「你、你等一下,瑾韧可能酒还没醒,我去看看,你在这里等我!」梓亚慌乱地说着,也不管自己的表情隐藏得如何,在那一瞬
间,他只想掩饰发生的事情,不让弟弟知道。
「哥……」梓晨看着他慌张的背影,眼神里透出冷冽的光。
「瑾韧,梓晨来了,你……」梓亚跑进屋里,发觉瑾韧居然还坐在床上,甚至连衣服也没有穿好,凌乱的床单依旧,情事的痕迹
是那么明显。
瑾韧听到恋人到来,神情一震,视线呆愣的看着梓亚,显然还没反应过来。
「你们……」然而梓晨的声音已经响了起来,他就站在梓亚身后。听到他声音的那刻,梓亚就像坠进冰窟,根本无法面对弟弟。
「你们做了什么!」梓晨的声音变得尖锐,眼睛直盯着床上的瑾韧,那种穿透人心的眼神,还有似乎要溢出的泪光,都叫瑾韧快
不能呼吸。
「梓晨,对不起,是我的错,都是我……」梓亚忽然跪到了地上,拉住弟弟的手,痛苦的声音里充满无肋。
梓晨甩掉他的手,走到床边。
「柏瑾韧,几个小时前你还在对我说,这一生都不会对不起我,只爱我一个。没想到连一天都不到,你就做出这样的事,这就是
你对我的爱吗?!」梓晨从未如此激动,神色快要崩溃发狂,身体颤抖,直直盯着瑾韧。
「梓晨,是我错了,我喝了很多酒,我以为是你……我知道怎样辩解都……求求你原谅我……」瑾韧面对着恋人,痛苦又懊悔。
梓晨一巴掌打在他脸上,眼泪溢出眼角。「我甚至带了行李准备和你远走高飞!结果你给我的是什么?柏瑾韧,我恨你!」
他转身就想奔出屋外,瑾韧紧紧拉住了他,「梓晨!」痛苦的呼喊带着从未有过的脆弱。
「放手!」梓晨咬牙,冷冷地回答。
「梓晨!」梓亚悲惨地叫唤,也想拉住他,梓晨却转头瞪他,眼中的强烈恨意令梓亚退缩。
「你,不要叫我的名字!」抛出冷酷的话语,梓晨看着跪在脚下的兄长,眼神厌恶又憎恨。
绝望的梓亚觉得就要失去弟弟,但是他说不出一句辩解的话,他犯的错,造成了最大的伤害。
浑浑噩噩地过了两天,这一天,梓亚熬了鱼汤送去给住院的母亲,却意外地在医院看到梓晨。
梓晨是来和母亲告别的,他打算到美国去读书,继续深造音乐。
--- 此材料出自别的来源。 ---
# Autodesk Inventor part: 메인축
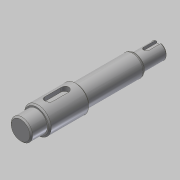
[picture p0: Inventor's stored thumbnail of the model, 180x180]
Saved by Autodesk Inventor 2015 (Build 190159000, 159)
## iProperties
Created: 2019-03
Part Number: 메인축
Material: 강철, 연강
Document SubType Name: Modeling
Designer: mduedu
Density: 1 g/cm^3
Appearance: 강철
Author: mduedu
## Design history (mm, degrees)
sketch "스케치1"
  geometry: L1 (0, 0)-(12, 0); L2 (12, 0)-(12, 8); L3 (12, 8)-(0, 8); L4 (0, 8)-(0, 0); L5 (12, 0)-(42, 0); L6 (42, 0)-(42, 10); L7 (42, 10)-(12, 10); L8 (12, 10)-(12, 0); L9 (42, 0)-(86, 0); L10 (86, 0)-(86, 8); L11 (86, 8)-(42, 8); L12 (42, 8)-(42, 0); L13 (86, 0)-(104, 0); L14 (104, 0)-(104, 6); L15 (104, 6)-(86, 6); L16 (86, 6)-(86, 0)
  constraints: 32 end point, 8 parallel, 4 horizontal, 4 perpendicular
  dimensions: "d0" = 16 diameter of L3 L1; "d2" = 20 diameter of L7 L5; "d3" = 16 diameter of L11 L9; "d4" = 12 diameter of L15 L13; "d5" = 12 distance of L2.end L3.end; "d6" = 30 distance of L6.end L7.end; "d7" = 86 distance between parallel lines of L10 L4; "d8" = 104 distance between parallel lines of L14 L4
revolve "회전1" sketch "스케치1" stored, may be unused: angle "d9" = 90 deg
node "작업 평면1"
sketch "스케치2" dims "d10" = 18
  geometry: L1 (6, -3)-(-6, -3); L2 (-6, -3)-(-6, 3); L3 (-6, 3)-(6, 3); L4 (6, 3)-(6, -3); L5 (15, 10)-(15, -10) reference; 3 further points
  constraints: 8 end point, 2 midpoint, 2 parallel, 2 vertical alignment, 1 horizontal, 1 horizontal alignment, 1 perpendicular, 4 other
  dimensions: "d12" = 6 distance between parallel lines of L3 L1; "d13" = 6 dimension on L5
extrude "돌출1" cut sketch "스케치2" distance "d14" = 3.5; taper "d15" = 0 deg
node "작업 평면2"
sketch "스케치3"
  geometry: L1 (-9, 6)-(-9, -6) reference; L2 (1, -2)-(-9, -2); L3 (1, 2)-(-9, 2); A1 r 2 centre (1, 0) between (1, -2) and (1, 2); 2 further points
  constraints: 4 end point, 2 point on circle, 2 point on line, 2 tangent, 1 centre point, 1 horizontal alignment, 1 midpoint, 1 parallel, 1 perpendicular
  dimensions: "d16" = 12 dimension on A1 L1; "d17" = 4 distance between parallel lines of L3 L2
extrude "돌출2" cut sketch "스케치3" distance "d18" = 2.5; taper "d19" = 0 deg
chamfer "모따기1" distance "d20" = 1; stored, may be unused: second distance "d21" = 2, angle "d22" = 45 deg
chamfer "모따기2" distance "d23" = 1; stored, may be unused: second distance "d24" = 2, angle "d25" = 45 deg
chamfer "모따기3" distance "d26" = 1.73; stored, may be unused: second distance "d27" = 2, angle "d28" = 30 deg
fillet "모깎기2" dims "d31" = 1, "d32" = 2
node "솔리드1"

梓亚听着弟弟对母亲说的话,却不敢看他的脸。
他心里又痛苦又焦急。梓晨就要这样走了吗?他真的不原谅瑾韧吗?瑾韧是那样爱他啊,梓晨为什么连一次机会都不愿给那个无
辜的男人?
梓亚急急地跟在弟弟身后出了病房。
「梓晨。」他叫住他,不希望弟弟就这么离开。
「我不想跟你说话。」梓晨的神色依旧冷漠。
「你真的要走吗?那瑾韧怎么办,他知道你要走吗?」
听到瑾韧的名字,梓晨用冷漠的视线瞪视着梓亚。「你还敢跟我提这个名字?如果不是你,我们怎么会走到这一步。很好,何梓
亚,你赢了,平时你表现得那么懦弱胆小,没想到却用这种方式抢夺弟弟的男朋友,你可真有手段啊。」
「梓晨……」梓亚痛苦地喊他。为什么事情变得这么不可收拾?「我没有……」他怎么敢抢瑾韧呢。
「何梓亚,看在你是我哥哥的份上,我走之前给你一个忠告。你别以为这样就能抢到瑾韧了,你想想自己是什么身分。瑾韧是不
会跟当牛郎的你在一起的,就算你得到他一次,不是你的终究不是你的。为了你自己好,你最好离他远远的,省得最后受伤。」
梓晨盯着他,眼神深邃又犀利,那神情和话语都叫梓亚十分痛苦。
「瑾韧喜欢你,他那么喜欢你,都是我的错,你原谅他……」他哀求着,但梓晨用力甩开他的手。
「这是我不能忍受的事。」
无情的背影在梓亚泪眼模糊中,渐行渐远。
瑾韧追到了机场,在人群中与梓晨两两相望。
「真的不能原谅我吗?」瑾韧悲戚的神色很无力,还不成熟的他,这些天经历了太多,他觉得措手不及,而且根本没有解决的能
力。
「瑾韧,我有我的骄傲,这件事对我来说是极限,我不能原谅你。」梓晨看着他,神色中淡淡的悲伤和倦意深深触动着瑾韧的心
。
「放手,我要走了。」
柏瑾韧一直紧紧抓着他的手,终于无力地滑落,颤抖的动作,泄露了他悲伤的情绪。
梓晨转过身,走进了登机口,此时,那张脸上竟泛起冷漠的笑容。
柏瑾韧,就算过了许久,我也要你记得我的恨,记得我。
母亲的病情忽然恶化,手术后的并发症让医生们都措手不及。终于离开了人世。
梓亚呆呆地看着母亲最后平和的面容。自己做的一切又算什么?这世上为什么有这么多残忍的事呢?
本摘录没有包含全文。